Restate word for word the lines of the material below, from the line with "N$31 [supply]: C5.1 J1.1 U$1.24(DVCC)" to the line with "C1 C4 C5 = ee2parts:C: Capacitor", both lines included, and no others.

+ + + + + + +

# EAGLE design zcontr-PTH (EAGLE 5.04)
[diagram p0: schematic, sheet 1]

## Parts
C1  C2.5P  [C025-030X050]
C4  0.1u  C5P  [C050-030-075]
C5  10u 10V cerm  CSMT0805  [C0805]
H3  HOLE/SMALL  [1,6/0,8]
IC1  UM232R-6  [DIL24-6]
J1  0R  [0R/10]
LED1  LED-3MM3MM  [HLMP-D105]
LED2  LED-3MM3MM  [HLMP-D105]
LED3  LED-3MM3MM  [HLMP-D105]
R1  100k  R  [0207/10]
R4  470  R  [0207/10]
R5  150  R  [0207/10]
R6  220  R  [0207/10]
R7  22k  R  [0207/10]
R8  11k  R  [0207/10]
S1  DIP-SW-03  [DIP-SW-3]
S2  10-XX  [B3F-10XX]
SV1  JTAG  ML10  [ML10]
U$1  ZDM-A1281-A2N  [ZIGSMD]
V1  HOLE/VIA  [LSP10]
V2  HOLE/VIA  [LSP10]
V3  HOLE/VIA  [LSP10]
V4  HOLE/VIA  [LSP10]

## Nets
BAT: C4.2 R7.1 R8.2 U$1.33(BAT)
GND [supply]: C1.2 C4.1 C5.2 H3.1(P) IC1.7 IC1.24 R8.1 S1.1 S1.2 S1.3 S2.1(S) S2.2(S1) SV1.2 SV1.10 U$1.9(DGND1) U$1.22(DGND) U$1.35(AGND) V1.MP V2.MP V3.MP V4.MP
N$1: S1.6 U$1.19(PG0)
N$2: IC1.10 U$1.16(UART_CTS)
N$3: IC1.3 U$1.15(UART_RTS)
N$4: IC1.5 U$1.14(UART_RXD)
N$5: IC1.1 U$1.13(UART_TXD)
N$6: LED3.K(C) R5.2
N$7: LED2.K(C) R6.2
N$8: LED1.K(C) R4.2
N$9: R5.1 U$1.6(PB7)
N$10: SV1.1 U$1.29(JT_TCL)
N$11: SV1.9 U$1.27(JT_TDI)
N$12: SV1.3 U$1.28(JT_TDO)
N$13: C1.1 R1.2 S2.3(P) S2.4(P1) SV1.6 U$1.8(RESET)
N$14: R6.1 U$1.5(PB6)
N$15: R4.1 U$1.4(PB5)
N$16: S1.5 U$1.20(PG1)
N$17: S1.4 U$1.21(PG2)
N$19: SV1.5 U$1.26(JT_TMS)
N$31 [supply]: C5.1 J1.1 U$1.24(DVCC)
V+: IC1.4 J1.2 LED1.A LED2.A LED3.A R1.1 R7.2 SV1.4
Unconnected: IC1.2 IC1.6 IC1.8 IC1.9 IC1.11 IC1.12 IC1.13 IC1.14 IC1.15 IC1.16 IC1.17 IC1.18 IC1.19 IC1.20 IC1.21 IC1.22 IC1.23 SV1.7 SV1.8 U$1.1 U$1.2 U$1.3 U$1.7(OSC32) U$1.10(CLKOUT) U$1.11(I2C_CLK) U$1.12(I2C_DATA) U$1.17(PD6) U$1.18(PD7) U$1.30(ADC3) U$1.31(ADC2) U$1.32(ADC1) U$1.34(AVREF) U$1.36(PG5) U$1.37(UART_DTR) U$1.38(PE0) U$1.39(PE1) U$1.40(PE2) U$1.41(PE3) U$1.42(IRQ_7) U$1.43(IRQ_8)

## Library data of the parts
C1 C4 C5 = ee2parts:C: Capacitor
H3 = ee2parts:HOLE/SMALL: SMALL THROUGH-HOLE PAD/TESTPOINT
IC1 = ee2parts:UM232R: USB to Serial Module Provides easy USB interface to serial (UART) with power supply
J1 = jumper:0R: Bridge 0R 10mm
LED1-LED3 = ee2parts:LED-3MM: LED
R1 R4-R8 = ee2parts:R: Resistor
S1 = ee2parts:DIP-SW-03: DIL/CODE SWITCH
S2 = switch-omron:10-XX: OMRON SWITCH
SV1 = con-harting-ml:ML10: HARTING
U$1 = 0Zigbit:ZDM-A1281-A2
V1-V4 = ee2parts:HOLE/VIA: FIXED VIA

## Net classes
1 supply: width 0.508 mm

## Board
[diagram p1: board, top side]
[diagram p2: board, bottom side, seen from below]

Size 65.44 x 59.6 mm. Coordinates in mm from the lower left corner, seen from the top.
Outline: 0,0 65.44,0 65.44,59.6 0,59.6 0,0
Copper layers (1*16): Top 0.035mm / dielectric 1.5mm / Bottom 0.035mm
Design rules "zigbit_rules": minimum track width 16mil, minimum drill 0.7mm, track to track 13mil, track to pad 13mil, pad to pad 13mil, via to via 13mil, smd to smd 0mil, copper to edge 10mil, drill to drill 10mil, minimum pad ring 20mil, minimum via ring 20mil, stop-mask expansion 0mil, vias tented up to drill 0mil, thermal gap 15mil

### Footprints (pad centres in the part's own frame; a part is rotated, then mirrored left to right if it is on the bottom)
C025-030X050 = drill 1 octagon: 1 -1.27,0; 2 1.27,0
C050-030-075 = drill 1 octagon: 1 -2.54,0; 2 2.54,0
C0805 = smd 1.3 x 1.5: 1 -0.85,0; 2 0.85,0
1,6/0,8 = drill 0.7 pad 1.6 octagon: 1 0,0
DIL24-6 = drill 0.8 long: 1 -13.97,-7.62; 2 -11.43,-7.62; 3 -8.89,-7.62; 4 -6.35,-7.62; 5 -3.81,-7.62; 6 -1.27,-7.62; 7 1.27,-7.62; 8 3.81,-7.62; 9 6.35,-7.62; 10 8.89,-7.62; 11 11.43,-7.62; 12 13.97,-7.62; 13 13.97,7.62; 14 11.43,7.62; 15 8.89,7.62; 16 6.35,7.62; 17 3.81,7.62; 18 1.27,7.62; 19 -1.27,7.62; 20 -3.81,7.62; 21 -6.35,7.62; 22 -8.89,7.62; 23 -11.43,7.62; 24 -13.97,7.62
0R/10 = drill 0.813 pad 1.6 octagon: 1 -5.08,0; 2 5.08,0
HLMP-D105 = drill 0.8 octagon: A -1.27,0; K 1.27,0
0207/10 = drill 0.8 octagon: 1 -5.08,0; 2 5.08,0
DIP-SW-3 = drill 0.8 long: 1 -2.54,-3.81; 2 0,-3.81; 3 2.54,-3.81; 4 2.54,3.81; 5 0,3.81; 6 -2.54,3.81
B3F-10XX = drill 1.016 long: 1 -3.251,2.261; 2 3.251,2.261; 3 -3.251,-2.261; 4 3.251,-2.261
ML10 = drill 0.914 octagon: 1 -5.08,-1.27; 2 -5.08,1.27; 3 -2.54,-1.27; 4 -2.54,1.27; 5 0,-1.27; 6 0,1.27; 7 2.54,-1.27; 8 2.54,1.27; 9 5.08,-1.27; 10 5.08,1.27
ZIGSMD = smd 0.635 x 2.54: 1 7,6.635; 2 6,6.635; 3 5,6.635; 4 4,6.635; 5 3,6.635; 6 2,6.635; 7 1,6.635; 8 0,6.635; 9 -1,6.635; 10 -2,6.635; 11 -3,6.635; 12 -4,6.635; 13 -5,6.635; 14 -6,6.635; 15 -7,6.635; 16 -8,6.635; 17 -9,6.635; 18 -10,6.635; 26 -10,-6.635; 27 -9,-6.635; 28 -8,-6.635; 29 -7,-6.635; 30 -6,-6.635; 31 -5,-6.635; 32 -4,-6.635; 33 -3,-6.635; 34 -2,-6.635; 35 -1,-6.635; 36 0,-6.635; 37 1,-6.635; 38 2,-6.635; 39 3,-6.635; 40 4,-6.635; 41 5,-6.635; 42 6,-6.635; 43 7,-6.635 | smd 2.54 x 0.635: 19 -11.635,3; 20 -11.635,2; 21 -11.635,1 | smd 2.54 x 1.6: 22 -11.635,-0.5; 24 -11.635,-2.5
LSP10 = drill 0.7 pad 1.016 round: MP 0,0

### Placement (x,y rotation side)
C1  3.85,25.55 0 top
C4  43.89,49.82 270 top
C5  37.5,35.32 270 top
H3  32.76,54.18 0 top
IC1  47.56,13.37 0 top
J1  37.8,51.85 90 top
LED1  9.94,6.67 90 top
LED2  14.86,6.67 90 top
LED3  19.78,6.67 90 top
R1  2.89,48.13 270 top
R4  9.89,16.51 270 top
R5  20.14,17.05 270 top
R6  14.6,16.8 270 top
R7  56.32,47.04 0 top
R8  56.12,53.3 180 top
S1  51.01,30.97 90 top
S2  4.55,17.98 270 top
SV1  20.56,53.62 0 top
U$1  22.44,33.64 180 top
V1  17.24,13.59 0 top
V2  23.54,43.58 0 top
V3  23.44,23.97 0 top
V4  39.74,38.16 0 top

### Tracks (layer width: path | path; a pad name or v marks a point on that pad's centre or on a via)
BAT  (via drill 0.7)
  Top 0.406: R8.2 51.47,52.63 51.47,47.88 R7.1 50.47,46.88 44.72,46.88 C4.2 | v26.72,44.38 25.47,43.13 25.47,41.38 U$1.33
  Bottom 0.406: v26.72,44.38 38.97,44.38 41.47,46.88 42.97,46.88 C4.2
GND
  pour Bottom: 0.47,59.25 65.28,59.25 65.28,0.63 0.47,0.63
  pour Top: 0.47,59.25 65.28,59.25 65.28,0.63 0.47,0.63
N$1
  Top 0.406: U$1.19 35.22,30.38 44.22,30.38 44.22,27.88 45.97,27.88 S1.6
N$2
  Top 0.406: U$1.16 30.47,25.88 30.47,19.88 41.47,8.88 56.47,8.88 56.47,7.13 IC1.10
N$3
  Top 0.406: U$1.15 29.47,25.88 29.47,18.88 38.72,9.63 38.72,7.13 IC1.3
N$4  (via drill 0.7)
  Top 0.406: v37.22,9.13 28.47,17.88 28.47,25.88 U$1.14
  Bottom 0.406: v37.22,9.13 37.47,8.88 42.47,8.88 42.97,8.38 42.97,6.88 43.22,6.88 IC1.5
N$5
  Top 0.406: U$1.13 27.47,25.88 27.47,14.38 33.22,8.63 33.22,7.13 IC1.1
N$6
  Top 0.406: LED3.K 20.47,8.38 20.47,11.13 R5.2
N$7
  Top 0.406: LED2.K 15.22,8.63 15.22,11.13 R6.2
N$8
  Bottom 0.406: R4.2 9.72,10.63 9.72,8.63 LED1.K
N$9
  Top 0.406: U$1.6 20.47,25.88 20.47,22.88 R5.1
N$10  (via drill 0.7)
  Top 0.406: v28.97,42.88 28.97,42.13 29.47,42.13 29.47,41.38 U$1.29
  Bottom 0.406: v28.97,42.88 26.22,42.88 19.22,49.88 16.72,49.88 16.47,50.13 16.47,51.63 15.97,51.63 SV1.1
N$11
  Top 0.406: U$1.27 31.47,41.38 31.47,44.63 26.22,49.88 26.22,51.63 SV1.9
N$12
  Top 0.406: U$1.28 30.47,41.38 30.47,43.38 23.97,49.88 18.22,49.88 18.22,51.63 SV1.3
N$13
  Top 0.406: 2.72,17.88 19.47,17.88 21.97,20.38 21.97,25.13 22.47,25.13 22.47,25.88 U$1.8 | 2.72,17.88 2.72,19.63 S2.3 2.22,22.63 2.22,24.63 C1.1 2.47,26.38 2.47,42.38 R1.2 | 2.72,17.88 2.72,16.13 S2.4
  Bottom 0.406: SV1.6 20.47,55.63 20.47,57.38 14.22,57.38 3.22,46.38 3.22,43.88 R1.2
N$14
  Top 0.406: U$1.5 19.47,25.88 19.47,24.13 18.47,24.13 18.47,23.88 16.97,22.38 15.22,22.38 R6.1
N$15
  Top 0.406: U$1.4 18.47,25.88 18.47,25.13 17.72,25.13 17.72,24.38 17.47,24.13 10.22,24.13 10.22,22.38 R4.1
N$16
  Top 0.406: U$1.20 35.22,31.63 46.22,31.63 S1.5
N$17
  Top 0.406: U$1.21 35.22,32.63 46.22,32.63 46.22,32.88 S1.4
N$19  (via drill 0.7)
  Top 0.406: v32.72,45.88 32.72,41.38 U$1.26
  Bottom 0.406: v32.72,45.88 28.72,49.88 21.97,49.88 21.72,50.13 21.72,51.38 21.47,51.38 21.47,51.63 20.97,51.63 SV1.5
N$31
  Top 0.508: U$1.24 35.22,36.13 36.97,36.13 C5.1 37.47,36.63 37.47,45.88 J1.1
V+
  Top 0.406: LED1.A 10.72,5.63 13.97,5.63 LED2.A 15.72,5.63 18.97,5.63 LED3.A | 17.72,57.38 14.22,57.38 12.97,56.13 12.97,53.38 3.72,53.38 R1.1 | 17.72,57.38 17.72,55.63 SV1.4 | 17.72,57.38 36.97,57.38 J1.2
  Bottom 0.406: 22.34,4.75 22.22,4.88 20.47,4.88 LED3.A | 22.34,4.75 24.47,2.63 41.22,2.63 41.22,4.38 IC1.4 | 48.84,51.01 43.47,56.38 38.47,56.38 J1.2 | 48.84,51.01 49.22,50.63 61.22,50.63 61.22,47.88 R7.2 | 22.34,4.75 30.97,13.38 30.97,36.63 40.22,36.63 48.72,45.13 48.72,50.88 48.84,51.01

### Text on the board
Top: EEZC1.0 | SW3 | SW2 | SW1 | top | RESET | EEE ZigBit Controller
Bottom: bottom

+ + + + + + +

▸ **Written answer**:
N$31 [supply]: C5.1 J1.1 U$1.24(DVCC)
V+: IC1.4 J1.2 LED1.A LED2.A LED3.A R1.1 R7.2 SV1.4
Unconnected: IC1.2 IC1.6 IC1.8 IC1.9 IC1.11 IC1.12 IC1.13 IC1.14 IC1.15 IC1.16 IC1.17 IC1.18 IC1.19 IC1.20 IC1.21 IC1.22 IC1.23 SV1.7 SV1.8 U$1.1 U$1.2 U$1.3 U$1.7(OSC32) U$1.10(CLKOUT) U$1.11(I2C_CLK) U$1.12(I2C_DATA) U$1.17(PD6) U$1.18(PD7) U$1.30(ADC3) U$1.31(ADC2) U$1.32(ADC1) U$1.34(AVREF) U$1.36(PG5) U$1.37(UART_DTR) U$1.38(PE0) U$1.39(PE1) U$1.40(PE2) U$1.41(PE3) U$1.42(IRQ_7) U$1.43(IRQ_8)

## Library data of the parts
C1 C4 C5 = ee2parts:C: Capacitor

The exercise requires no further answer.